Brett Pelham (whose research on names and life choices is discussed here and here–based on the work of Pelham and his collaborators, we crudely estimate that about 1% of people in the U.S. choose a career based on their first name) wrote a quick email in response.

Brett writes:

You show that if you meet a dentist named Dennis, the chances that he chose his career based on his name is pretty high–even though very, very few dentists choose their careers based on their names. By the way, one way of getting the kind of more general estimate you referred to would be to look at decisions whewre it’s easier to look at lots of single letter overlaps. In our 2004 paper on close relationships, we show, in lots of very big samples, that people are disproportionately likely to marry others whose surnames begin with the same letter as their own. Ignoring the fact that some of these matches involved more than one letter, I’d think you could get a nice estimate of the sort you mentioned based on those data. That paper was Jones, Pelham, Carvallo & Mirenberg, 2004, JPSP (same journal as before).

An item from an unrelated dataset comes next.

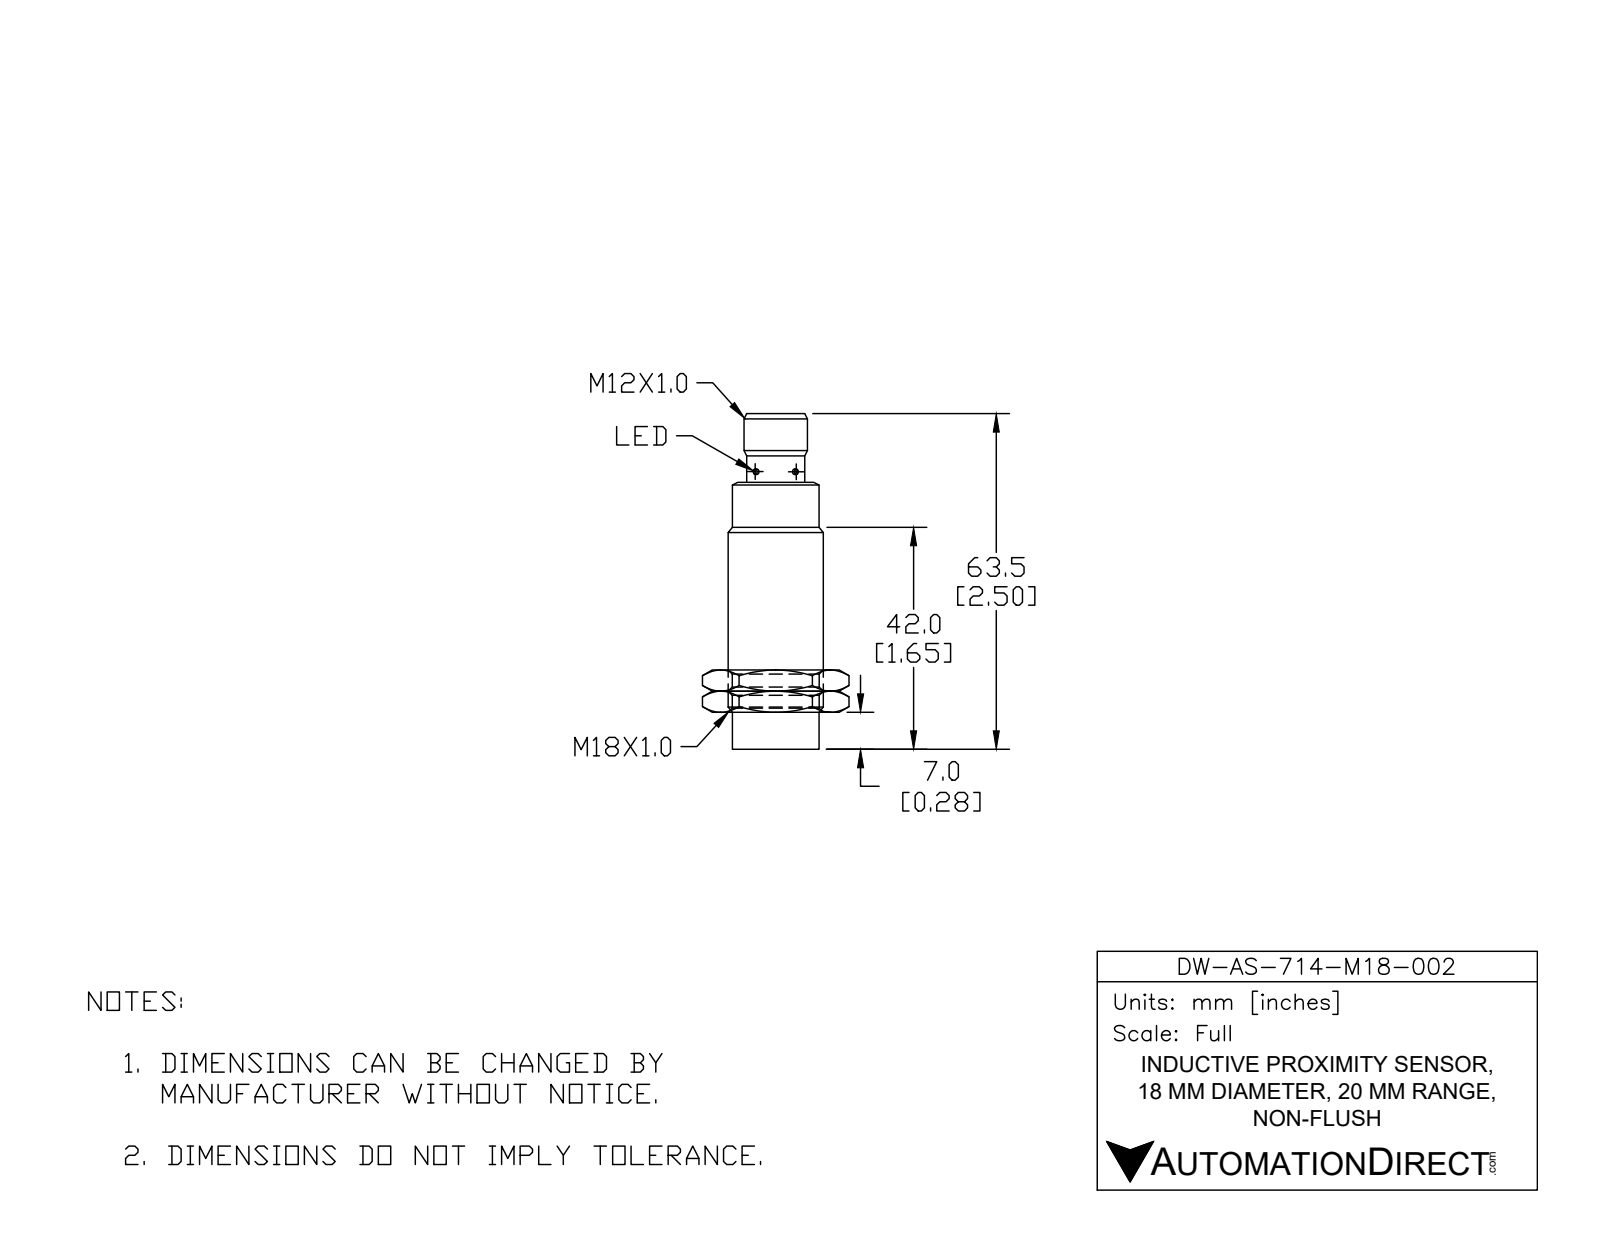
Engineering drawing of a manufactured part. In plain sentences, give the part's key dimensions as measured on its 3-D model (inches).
The part is named "DW-AS-714-M18-002". Its 3-D file was written by "SolidWorks 2017 (AUTOMOTIVE_DESIGN)". It is 1 solid with 40 faces: 8 planar, 17 cylindrical and 15 other. Overall it measures 2.5 by 0.709 by 0.709 inches. Its volume is 0.778 cubic inches and its surface area 6.608 square inches. Round holes: 2 of diameter 0.118, 1 of diameter 0.335. Round bosses or shafts: 4 of diameter 0.04, 1 of diameter 0.709, 1 of diameter 0.646, 1 of diameter 0.459, 1 of diameter 0.415. Partial cylindrical surfaces (rounded edges, fillets, slot ends): 2 of radius 0.02. The main face-to-face distances are 2.157, 1.988, 0.169, 2.5, 0.512, 0.343, 0.276, 1.713, 1.882, 2.224.

I do have one question that you might be able to answer about these kind of data. If you were to compute a simple correlation (or phi) coefficient between a person’s last name and whether the street that person lived on included that name (e.g., Jones living on Jones Avenue), the phi coefficient would obviously be miniscule because of the extreme skew in the data (99.3% of people are not named Jones. But if you pit Jones against Smith and calculate phi coefficents that way you see something like

Surname

Street Name Jones Smith

Jones 320 80

Smith 80 320which would yield a correlation of .60. (These data are simplified and based on my rough memory of the effect size, but I hope the example makes the point.) Effect size estimates are huge if you avoid the problem of skew but tiny if you don’t. I tell my students that this is why you should prefer odds ratios when data are really skewed, but I realized that I’ve never asked a stats expert about this. By the way, the real data with the surname street effects came out in JPSP (Pelham, et al., 2004) in response to an excellent statistical critique by Marcello Gallucci of our original paper.

My response to Brett:

Regarding your question on odds ratios, it seems to me that there are 2 issues going on:

(1) Using Smith and Jones gives you twice as much info than only using Jones.

(2) If you work with Jones and non-Jones, then the correlation coefficient will be tiny (although it will be statistically significant), thus giving a misleading sense of the effect size.Regarding issue 2, I think it depends on which of the “effect sizes” you care about. As noted in my blog entry on the topic, the “effect size” conditoinal on being a Jones in Jones Street is huge, but the “effect size” simply conditional on being a Jones is tiny. So maybe it depends on what you’re looking for. on either scale, it’s statiistically significant.

This seems like an interesting statistical topic–or, to put it another way, something that’s already arisen in biostatistics, I’m sure.